# rosewood and polyurethane



## ben r baker (Mar 4, 2009)

I made a box with three different kinds of wood: rosewood, maple and walnut. I put on an application of Watco Oil and let it dry for 3 days. After diluting the polyurethane 5% with mineral spirits I applied a coat and after amply time to dry, found the rosewood to be tacky (maple and walnut are dry and beautiful). Why is the rosewood tacky?


----------



## YouNGwOOd (Apr 21, 2008)

Never have seen that happen..... but Ive never used poly on rosewood...ive always used a couple coats of sanding sealer first then applied a clear lacquer finish.


----------



## cabinetman (Jul 5, 2007)

Rosewood is a very oily wood. The oils in the wood are keeping the oilbase polyurethane from drying, and may for weeks.

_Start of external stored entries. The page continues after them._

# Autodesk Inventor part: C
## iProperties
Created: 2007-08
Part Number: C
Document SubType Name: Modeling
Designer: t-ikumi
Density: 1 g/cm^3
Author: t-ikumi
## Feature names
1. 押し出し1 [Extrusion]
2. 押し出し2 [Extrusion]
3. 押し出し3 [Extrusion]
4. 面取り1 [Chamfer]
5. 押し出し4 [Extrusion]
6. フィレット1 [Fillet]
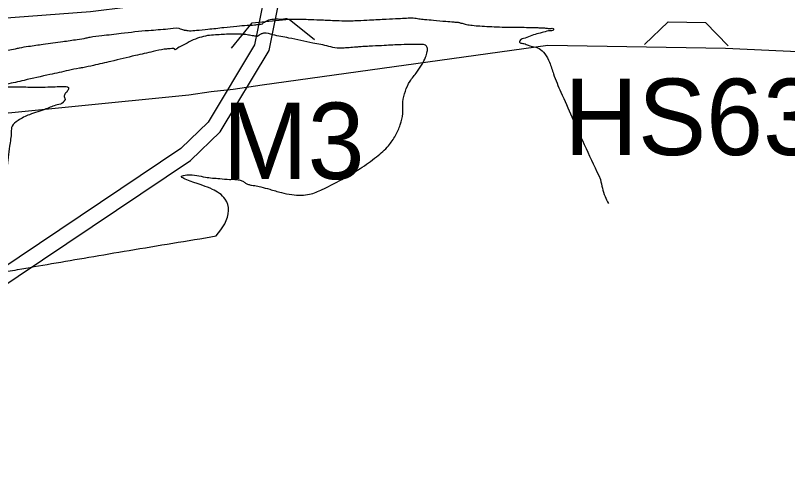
# Model space of a CAD drawing. Extents: x -478232 to -472707, y -1118753 to -1113967.
# Drawn here: x -477714.4 to -477613.4, y -1117465.6 to -1117404.3 of the extents above; entities that cross this region are included whole.
import ezdxf

# ---------------------------------------------------------------- set-up
doc = ezdxf.new("R2010")
doc.units = 0
for name, color, linetype in [('hospodářské sjezdy', 7, 'Continuous'), ('ObPÚ', 7, 'Continuous'), ('silnice', 7, 'Continuous'), ('TP_stavajicí_mosty', 7, 'Continuous'), ('vodní plochy', 7, 'Continuous'), ('Vrstevnice_vedlejsi', 7, 'Continuous')]:
    doc.layers.add(name, color=color, linetype=linetype)

msp = doc.modelspace()

# ---------------------------------------------------------------- linework, layer by layer
at = {"layer": 'hospodářské sjezdy'}
for p, q in [((-477632.071, -1117408.148), (-477629, -1117405.188)), ((-477629, -1117405.188), (-477624.116, -1117405.275)), ((-477624.116, -1117405.275), (-477621.152, -1117408.342))]:
    msp.add_line(p, q, dxfattribs=at)
at = {"layer": 'ObPÚ'}
msp.add_lwpolyline([(-477428.82, -1117417.33), (-477494.83, -1117414.18), (-477554.51, -1117411.78), (-477621.5, -1117408.68), (-477644.72, -1117408.28), (-477682.13, -1117413.46), (-477685.93, -1117414.02), (-477688.8, -1117414.36), (-477691.73, -1117414.77), (-477738.55, -1117419.44), (-477782.49, -1117430.5), (-477808.98, -1117437.26), (-477845.5, -1117449.81), (-477945.12, -1117479.46), (-478009.37, -1117499.81)], dxfattribs=at)
at = {"layer": 'silnice'}
msp.add_lwpolyline([(-478068.596, -1117511.329), (-477917.95, -1117462.993), (-477779.219, -1117418.245), (-477732.944, -1117407.585), (-477720.808, -1117405.048), (-477704.588, -1117403.835), (-477689.402, -1117401.926), (-477652.852, -1117401.691), (-477590.784, -1117403.37), (-477332.447, -1117414.279), (-477204.956, -1117416.797), (-477142.049, -1117416.797), (-477096.756, -1117410.083), (-477036.34, -1117397.174), (-476978.492, -1117379.033), (-476883.712, -1117344.626), (-476756.221, -1117298.47), (-476633.763, -1117254.832), (-476588.47, -1117242.245), (-476550.726, -1117234.692), (-476503.755, -1117230.496), (-476424.073, -1117228.817), (-476282.324, -1117220.425)], dxfattribs=at)
at = {"layer": 'TP_stavajicí_mosty'}
for p, q in [((-477686.134, -1117408.643), (-477683.444, -1117405.332)), ((-477683.444, -1117405.332), (-477678.585, -1117404.827)), ((-477678.585, -1117404.827), (-477675.271, -1117407.512))]:
    msp.add_line(p, q, dxfattribs=at)
at = {"layer": 'vodní plochy'}
for points in [[(-477707.831, -1117220.199), (-477703.482, -1117231.655), (-477698.355, -1117240.284), (-477689.395, -1117252.275), (-477687.972, -1117255.508), (-477686.896, -1117262.774), (-477686.896, -1117275.228), (-477685.95, -1117281.615), (-477670.19, -1117321.721), (-477667.007, -1117334.46), (-477667.007, -1117343.664), (-477669.39, -1117356.111), (-477673.373, -1117365.147), (-477678.776, -1117376.496), (-477681.809, -1117385.6), (-477681.541, -1117400.47), (-477683.107, -1117408.185), (-477689.177, -1117418.301), (-477692.755, -1117421.747), (-477721.795, -1117441.246), (-477735.582, -1117453.362), (-477747.829, -1117466.582)], [(-477773.189, -1117531.586), (-477767.822, -1117505.274), (-477763.455, -1117493.269), (-477752.743, -1117476.374), (-477746.295, -1117467.868), (-477734.184, -1117454.796), (-477720.573, -1117442.834), (-477691.495, -1117423.309), (-477687.599, -1117419.557), (-477681.215, -1117408.919), (-477679.537, -1117400.654), (-477679.803, -1117385.906), (-477676.918, -1117377.244), (-477671.555, -1117365.981), (-477667.468, -1117356.711), (-477665.007, -1117343.854), (-477665.007, -1117334.214), (-477668.282, -1117321.111), (-477683.577, -1117282.186)], [(-477773.189, -1117531.586), (-477767.822, -1117505.274), (-477763.455, -1117493.269), (-477752.743, -1117476.374), (-477746.295, -1117467.868), (-477734.184, -1117454.796), (-477720.573, -1117442.834), (-477691.495, -1117423.309), (-477687.599, -1117419.557), (-477681.215, -1117408.919), (-477679.537, -1117400.654), (-477679.803, -1117385.906), (-477676.918, -1117377.244), (-477671.555, -1117365.981), (-477667.468, -1117356.711), (-477665.007, -1117343.854), (-477665.007, -1117334.214), (-477668.282, -1117321.111), (-477683.577, -1117282.186)], [(-477667.007, -1117334.46), (-477667.007, -1117343.664), (-477669.39, -1117356.111), (-477673.373, -1117365.147), (-477678.776, -1117376.496), (-477681.809, -1117385.6), (-477681.541, -1117400.47), (-477683.107, -1117408.185), (-477689.177, -1117418.301), (-477692.755, -1117421.747), (-477721.795, -1117441.246), (-477735.582, -1117453.362), (-477747.829, -1117466.582), (-477754.387, -1117475.232), (-477765.261, -1117492.381), (-477769.752, -1117504.73), (-477775.149, -1117531.186)]]:
    msp.add_lwpolyline(points, dxfattribs=at)
at = {"layer": 'Vrstevnice_vedlejsi'}
for points in [[(-477670.605, -1117405.069), (-477670.42, -1117405.054), (-477669.569, -1117405.008), (-477668.052, -1117404.93), (-477665.87, -1117404.82), (-477664.263, -1117404.739), (-477663.229, -1117404.687), (-477662.77, -1117404.664), (-477662.351, -1117404.67), (-477661.971, -1117404.705), (-477661.63, -1117404.769), (-477660.869, -1117404.857), (-477659.688, -1117404.968), (-477658.087, -1117405.103), (-477657.02, -1117405.192), (-477656.486, -1117405.237), (-477656.485, -1117405.237), (-477656.304, -1117405.284), (-477655.941, -1117405.377), (-477655.397, -1117405.516), (-477654.626, -1117405.633), (-477653.628, -1117405.726), (-477652.401, -1117405.796), (-477651.078, -1117405.847), (-477649.657, -1117405.88), (-477648.14, -1117405.894), (-477646.935, -1117405.914), (-477646.043, -1117405.939), (-477645.464, -1117405.97), (-477644.928, -1117406.009), (-477644.435, -1117406.058), (-477643.985, -1117406.115), (-477643.977, -1117406.213), (-477644.411, -1117406.352), (-477645.287, -1117406.531), (-477646.167, -1117406.761), (-477647.052, -1117407.044), (-477647.941, -1117407.379), (-477648.398, -1117407.649), (-477648.423, -1117407.855), (-477648.014, -1117407.997), (-477647.457, -1117408.181), (-477646.749, -1117408.406), (-477645.891, -1117408.674), (-477645.146, -1117409.362), (-477644.514, -1117410.473), (-477643.994, -1117412.004), (-477643.021, -1117414.39), (-477641.596, -1117417.631), (-477637.841, -1117425.821)], [(-477714.4, -1117408.695), (-477713.88, -1117408.578), (-477712.673, -1117408.383), (-477710.778, -1117408.11), (-477708.197, -1117407.759), (-477706.312, -1117407.486), (-477705.124, -1117407.291), (-477704.632, -1117407.174), (-477703.11, -1117406.969), (-477700.556, -1117406.677), (-477696.971, -1117406.297), (-477694.461, -1117406.081), (-477693.026, -1117406.03), (-477692.665, -1117406.142), (-477692.424, -1117406.219), (-477692.302, -1117406.259), (-477692.3, -1117406.263), (-477692.187, -1117406.278), (-477691.963, -1117406.303), (-477691.628, -1117406.339), (-477690.714, -1117406.286), (-477689.219, -1117406.145), (-477687.144, -1117405.916), (-477685.437, -1117405.745), (-477684.098, -1117405.632), (-477683.125, -1117405.577), (-477682.45, -1117405.507), (-477682.072, -1117405.423), (-477681.99, -1117405.325), (-477681.825, -1117405.211), (-477681.575, -1117405.081), (-477681.24, -1117404.935), (-477680.853, -1117404.842), (-477680.414, -1117404.802), (-477679.923, -1117404.814), (-477679.548, -1117404.813), (-477679.29, -1117404.8), (-477679.149, -1117404.774), (-477679.013, -1117404.765), (-477678.883, -1117404.774), (-477678.757, -1117404.801), (-477678.434, -1117404.819), (-477677.915, -1117404.828), (-477677.198, -1117404.829), (-477676.088, -1117404.858), (-477674.584, -1117404.915), (-477672.688, -1117405), (-477671.361, -1117405.051), (-477670.605, -1117405.069)], [(-477688.123, -1117433.202), (-477686.515, -1117429.862), (-477686.949, -1117428.387), (-477688.622, -1117427.107), (-477691.532, -1117426.022), (-477692.655, -1117425.393), (-477691.991, -1117425.222), (-477689.539, -1117425.508), (-477687.673, -1117425.698), (-477686.393, -1117425.793), (-477685.699, -1117425.792), (-477685.119, -1117425.872), (-477684.653, -1117426.034), (-477684.3, -1117426.276), (-477683.922, -1117426.453), (-477683.517, -1117426.562), (-477683.086, -1117426.605), (-477682.29, -1117426.781), (-477681.131, -1117427.09), (-477679.607, -1117427.532), (-477678.229, -1117427.788), (-477676.995, -1117427.857), (-477675.907, -1117427.741), (-477674.26, -1117427.121), (-477672.055, -1117425.998), (-477669.292, -1117424.371), (-477667.14, -1117422.837), (-477665.597, -1117421.396), (-477664.665, -1117420.047), (-477664.037, -1117418.642), (-477663.712, -1117417.18), (-477663.691, -1117415.663), (-477663.377, -1117414.253), (-477662.77, -1117412.951), (-477661.87, -1117411.756), (-477661.194, -1117410.712), (-477660.742, -1117409.818), (-477660.514, -1117409.074), (-477660.521, -1117408.548), (-477660.763, -1117408.24), (-477661.242, -1117408.149), (-477662.296, -1117408.126), (-477663.927, -1117408.171), (-477666.133, -1117408.283), (-477667.669, -1117408.361), (-477668.535, -1117408.405), (-477668.73, -1117408.414), (-477669.161, -1117408.445), (-477669.829, -1117408.497), (-477670.734, -1117408.57), (-477671.397, -1117408.615), (-477671.819, -1117408.634), (-477671.999, -1117408.626), (-477672.142, -1117408.621), (-477672.248, -1117408.618), (-477672.316, -1117408.618), (-477673.399, -1117408.398), (-477675.497, -1117407.957), (-477678.61, -1117407.297), (-477680.733, -1117406.865), (-477681.866, -1117406.663), (-477682.009, -1117406.69), (-477682.156, -1117406.735), (-477682.305, -1117406.8), (-477682.456, -1117406.883), (-477682.571, -1117406.955), (-477682.649, -1117407.014), (-477682.69, -1117407.061), (-477682.718, -1117407.092), (-477682.731, -1117407.108), (-477682.732, -1117407.108), (-477682.959, -1117407.07), (-477683.412, -1117406.995), (-477684.092, -1117406.883), (-477684.811, -1117406.813), (-477685.567, -1117406.784), (-477686.362, -1117406.796), (-477687.244, -1117406.835), (-477688.211, -1117406.9), (-477689.265, -1117406.991), (-477690.323, -1117407.246), (-477691.387, -1117407.666), (-477692.456, -1117408.25), (-477693.178, -1117408.625), (-477693.552, -1117408.792), (-477693.578, -1117408.749), (-477693.615, -1117408.715), (-477693.662, -1117408.688), (-477693.72, -1117408.67), (-477693.951, -1117408.679), (-477694.354, -1117408.713), (-477694.93, -1117408.774), (-477696.381, -1117409.069), (-477698.707, -1117409.598), (-477701.907, -1117410.36), (-477704.195, -1117410.889), (-477705.572, -1117411.185)], [(-477783.419, -1117450.824), (-477783.385, -1117443.847), (-477783.344, -1117437.193), (-477783.307, -1117433.697), (-477783.275, -1117433.361), (-477783.245, -1117433.129), (-477783.218, -1117433.001), (-477783.192, -1117432.977), (-477783.169, -1117432.951), (-477783.147, -1117432.922), (-477783.127, -1117432.89), (-477783.109, -1117432.856), (-477783.092, -1117432.82), (-477783.076, -1117432.783), (-477782.922, -1117432.552), (-477782.631, -1117432.129), (-477782.201, -1117431.512), (-477781.664, -1117430.783), (-477781.019, -1117429.941), (-477780.266, -1117428.987), (-477780.53, -1117428.456), (-477781.81, -1117428.35), (-477784.107, -1117428.667), (-477785.776, -1117428.888), (-477786.815, -1117429.013), (-477787.226, -1117429.04), (-477787.571, -1117429.053), (-477787.848, -1117429.051), (-477788.059, -1117429.033), (-477788.029, -1117428.944), (-477787.757, -1117428.782), (-477787.246, -1117428.548), (-477786.835, -1117428.368), (-477786.525, -1117428.243), (-477786.317, -1117428.173), (-477784.916, -1117427.721), (-477782.322, -1117426.887), (-477778.536, -1117425.672), (-477775.697, -1117424.742), (-477773.807, -1117424.097), (-477772.864, -1117423.738), (-477771.744, -1117423.335), (-477770.448, -1117422.886), (-477768.974, -1117422.392), (-477767.095, -1117421.76), (-477764.81, -1117420.99), (-477762.118, -1117420.08), (-477759.905, -1117419.343), (-477758.17, -1117418.777), (-477756.914, -1117418.384), (-477755.618, -1117418.008), (-477754.281, -1117417.651), (-477752.904, -1117417.311), (-477751.327, -1117416.903), (-477749.55, -1117416.426), (-477747.572, -1117415.881), (-477745.496, -1117415.333), (-477743.321, -1117414.782), (-477741.048, -1117414.229), (-477739.073, -1117413.753), (-477737.397, -1117413.355), (-477736.019, -1117413.035), (-477734.443, -1117412.684), (-477732.669, -1117412.301), (-477730.696, -1117411.887), (-477728.742, -1117411.469), (-477726.807, -1117411.047), (-477724.891, -1117410.622), (-477723.376, -1117410.303), (-477722.261, -1117410.09), (-477721.548, -1117409.983), (-477720.415, -1117409.793), (-477718.862, -1117409.521), (-477716.891, -1117409.167), (-477715.404, -1117408.891), (-477714.4, -1117408.695)], [(-477705.572, -1117411.185), (-477706.038, -1117411.248), (-477707.477, -1117411.545), (-477709.889, -1117412.075), (-477713.274, -1117412.839), (-477715.534, -1117413.349), (-477716.668, -1117413.604), (-477716.676, -1117413.606), (-477716.75, -1117413.617), (-477716.89, -1117413.638), (-477717.096, -1117413.669), (-477717.175, -1117413.687), (-477717.126, -1117413.691), (-477716.95, -1117413.682), (-477716.808, -1117413.675), (-477716.7, -1117413.668), (-477716.626, -1117413.663), (-477715.907, -1117413.669), (-477714.541, -1117413.685), (-477712.53, -1117413.712), (-477710.845, -1117413.713), (-477709.486, -1117413.686), (-477708.454, -1117413.633), (-477707.773, -1117413.662), (-477707.444, -1117413.774), (-477707.467, -1117413.968), (-477707.548, -1117414.166), (-477707.687, -1117414.367), (-477707.884, -1117414.573), (-477707.993, -1117414.774), (-477708.012, -1117414.971), (-477707.943, -1117415.164), (-477707.915, -1117415.314), (-477707.929, -1117415.421), (-477707.985, -1117415.486), (-477708.043, -1117415.56), (-477708.103, -1117415.644), (-477708.166, -1117415.738), (-477708.933, -1117416.051), (-477710.403, -1117416.584), (-477712.577, -1117417.335), (-477714.059, -1117418.09), (-477714.848, -1117418.847), (-477714.944, -1117419.608), (-477715.161, -1117421.452), (-477715.5, -1117424.382), (-477715.959, -1117428.397), (-477716.339, -1117431.126), (-477716.641, -1117432.572), (-477716.863, -1117432.733), (-477716.978, -1117433.03), (-477716.984, -1117433.465), (-477716.882, -1117434.036), (-477717.013, -1117434.837), (-477717.376, -1117435.868), (-477717.971, -1117437.128), (-477716.886, -1117437.707), (-477714.122, -1117437.606), (-477709.678, -1117436.825), (-477704.814, -1117435.988), (-477699.53, -1117435.096), (-477688.123, -1117433.202)], [(-477637.841, -1117425.821), (-477637.256, -1117428.024), (-477636.819, -1117428.94)]]:
    msp.add_spline(points, degree=3, dxfattribs=at)

# ---------------------------------------------------------------- texts
at = {"layer": 'hospodářské sjezdy'}
msp.add_text('HS63', height=10, rotation=359.99999, dxfattribs=at).set_placement((-477642.594, -1117422.613))
at = {"layer": 'TP_stavajicí_mosty'}
msp.add_text('M3', height=10, rotation=359.99999, dxfattribs=at).set_placement((-477687.303, -1117425.751))

doc.saveas('drawing.dxf')

After sanding the wood to apply the first finish, wipe down with acetone, and immediately afterward apply a coat of dewaxed shellac. You may need two coats of shellac. Then apply an oil base varnish, not a polyurethane.


----------



## gregL (Feb 1, 2009)

The oily nature of the wood causes this problem. I use teak, rosewood and cocobolo and with all oily woods you must clean with acetone before gluing and before finishing.


----------